Myanmar was off the grid for decades, is catching up fast - williswee
https://www.techinasia.com/myanmar-internet-revolution-startups
======
dharma1
I've run a tech startup in Myanmar for 3 years, and it's true. Facebook is
literally synonymous with Internet for many users, and the web gets a lot less
use.

Most of the cell towers and infrastructure has been built in 2 years - it's
been incredibly fast. Once the telco licenses were awarded, the two telcos
(Ooredoo and Telenor) didn't waste any time revving up ops.

Together with Android devices falling rapidly in price, it has been a complete
transformation in connectivity.

There are some really positive outcomes, like a group of CS students in Yangon
being able to follow Harvard CS MOOC's, and a lot of people working as devs
being able to learn from stackoverflow etc. Internet connectivity will empower
people to educate themselves but it will take some time.

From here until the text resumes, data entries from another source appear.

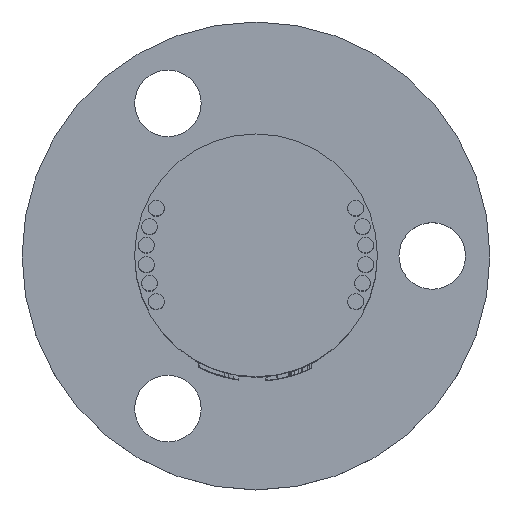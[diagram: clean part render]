
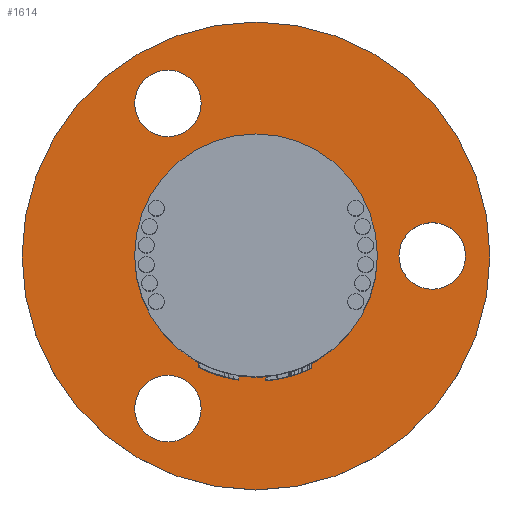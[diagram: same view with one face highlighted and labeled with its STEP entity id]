
A CAD part, top view. The second image highlights one B-rep face of the part: STEP entity #1614.
In plain terms, the highlighted planar face has unit normal (0, 0, 1).
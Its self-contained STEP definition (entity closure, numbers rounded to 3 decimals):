
#189=FACE_BOUND('',#3015,.T.);
#190=FACE_BOUND('',#3016,.T.);
#191=FACE_BOUND('',#3017,.T.);
#192=FACE_BOUND('',#3018,.T.);
#193=FACE_BOUND('',#3019,.T.);
#289=CIRCLE('',#10807,6.2);
#320=CIRCLE('',#10866,11.95);
#321=CIRCLE('',#10868,1.7);
#322=CIRCLE('',#10870,1.7);
#323=CIRCLE('',#10872,1.7);
#1614=ADVANCED_FACE('',(#189,#190,#191,#192,#193),#1943,.T.);
#1943=PLANE('',#10874);
#3015=EDGE_LOOP('',(#5417));
#3016=EDGE_LOOP('',(#5418));
#3017=EDGE_LOOP('',(#5419));
#3018=EDGE_LOOP('',(#5420));
#3019=EDGE_LOOP('',(#5421));
#5417=ORIENTED_EDGE('',*,*,#8648,.F.);
#5418=ORIENTED_EDGE('',*,*,#8682,.F.);
#5419=ORIENTED_EDGE('',*,*,#8681,.F.);
#5420=ORIENTED_EDGE('',*,*,#8680,.F.);
#5421=ORIENTED_EDGE('',*,*,#8679,.F.);
#7190=VERTEX_POINT('',#21293);
#7221=VERTEX_POINT('',#21383);
#7222=VERTEX_POINT('',#21386);
#7223=VERTEX_POINT('',#21389);
#7224=VERTEX_POINT('',#21392);
#8648=EDGE_CURVE('',#7190,#7190,#289,.T.);
#8679=EDGE_CURVE('',#7221,#7221,#320,.T.);
#8680=EDGE_CURVE('',#7222,#7222,#321,.T.);
#8681=EDGE_CURVE('',#7223,#7223,#322,.T.);
#8682=EDGE_CURVE('',#7224,#7224,#323,.T.);
#10807=AXIS2_PLACEMENT_3D('',#21292,#11878,#11879);
#10866=AXIS2_PLACEMENT_3D('',#21382,#11996,#11997);
#10868=AXIS2_PLACEMENT_3D('',#21385,#12000,#12001);
#10870=AXIS2_PLACEMENT_3D('',#21388,#12004,#12005);
#10872=AXIS2_PLACEMENT_3D('',#21391,#12008,#12009);
#10874=AXIS2_PLACEMENT_3D('',#21394,#12012,#12013);
#11878=DIRECTION('',(0.,0.,1.));
#11879=DIRECTION('',(1.,0.,0.));
#11996=DIRECTION('',(0.,0.,-1.));
#11997=DIRECTION('',(1.,0.,0.));
#12000=DIRECTION('',(0.,0.,1.));
#12001=DIRECTION('',(1.,0.,0.));
#12004=DIRECTION('',(0.,0.,1.));
#12005=DIRECTION('',(1.,0.,0.));
#12008=DIRECTION('',(0.,0.,1.));
#12009=DIRECTION('',(1.,0.,0.));
#12012=DIRECTION('',(0.,0.,1.));
#12013=DIRECTION('',(1.,0.,0.));
#21292=CARTESIAN_POINT('',(0.,0.,5.5));
#21293=CARTESIAN_POINT('',(6.2,0.,5.5));
#21382=CARTESIAN_POINT('',(0.,0.,5.5));
#21383=CARTESIAN_POINT('',(11.95,0.,5.5));
#21385=CARTESIAN_POINT('',(-4.5,-7.794,5.5));
#21386=CARTESIAN_POINT('',(-2.8,-7.794,5.5));
#21388=CARTESIAN_POINT('',(-4.5,7.794,5.5));
#21389=CARTESIAN_POINT('',(-2.8,7.794,5.5));
#21391=CARTESIAN_POINT('',(9.,0.,5.5));
#21392=CARTESIAN_POINT('',(10.7,0.,5.5));
#21394=CARTESIAN_POINT('',(0.,0.,5.5));
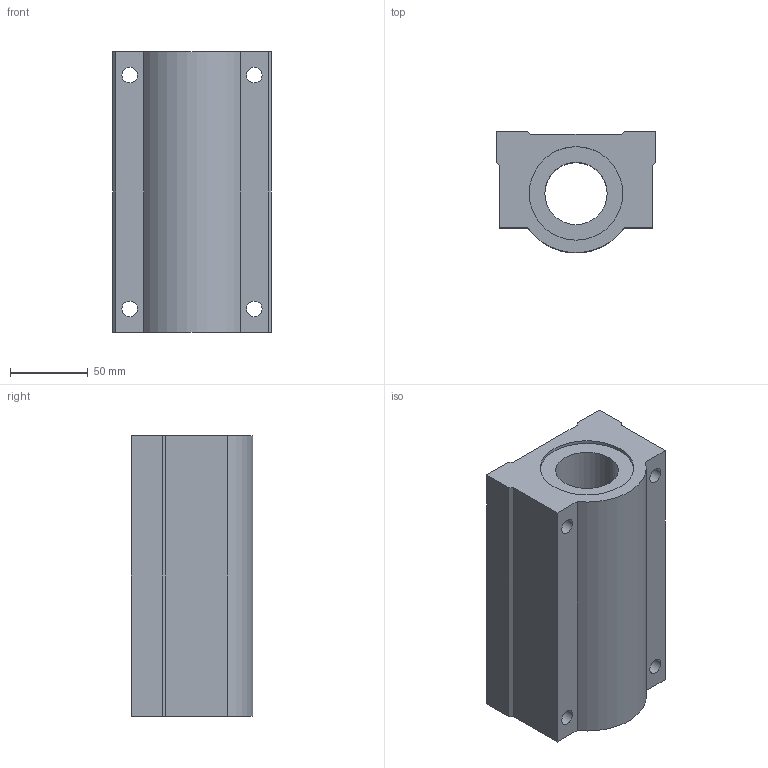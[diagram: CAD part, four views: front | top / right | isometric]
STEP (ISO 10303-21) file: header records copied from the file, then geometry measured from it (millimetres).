
FILE_DESCRIPTION((''),'2;1');
FILE_NAME('C:\Documents and Settings\ｿﾀﾀ蠑ｷ1\ｹﾙﾅﾁ ﾈｭｸ饅\ｺﾎﾇｰﾆﾄﾀﾏ\ﾁｦﾇｰ\SC__WUU\SC40WUU.stp','2005-06-22T14:54:07',('ｿﾀﾀ蠑ｷ1'),(''),'Autodesk Inventor 9','Autodesk Inventor 9','');
FILE_SCHEMA(('AUTOMOTIVE_DESIGN { 1 0 10303 214 1 1 1 1 }'));
Length unit declared in the file: millimetre
Products named in the file (1): SC__UU
Bounding box: 102 x 77.86 x 180 mm (x, y, z)
Volume: 960347.2 mm3; surface area: 101793.4 mm2
Topology: 1 solids, 1 shells, 32 faces, 84 edges, 56 vertices
Faces by surface type: plane 17, bspline 8, cylinder 7
Entity records: 1145 total; most frequent: CARTESIAN_POINT 309, ORIENTED_EDGE 168, DIRECTION 164, EDGE_CURVE 84, VERTEX_POINT 56, AXIS2_PLACEMENT_3D 55, VECTOR 54, LINE 54

In terms of commercial opportunities for tech companies, I'm not sure they
exist in the scale the article depicts. There are between 50 and 60 million
people, but most of the population live in the countryside, with very little
spending power. The total market size for internet connected people with some
(not very much) spending power is probably around 10 million.

The main challenges are with governance, and physical infrastructure, which
are decades behind where they need to be for a functional country, and these
are things internet connectivity unfortunately can't fix.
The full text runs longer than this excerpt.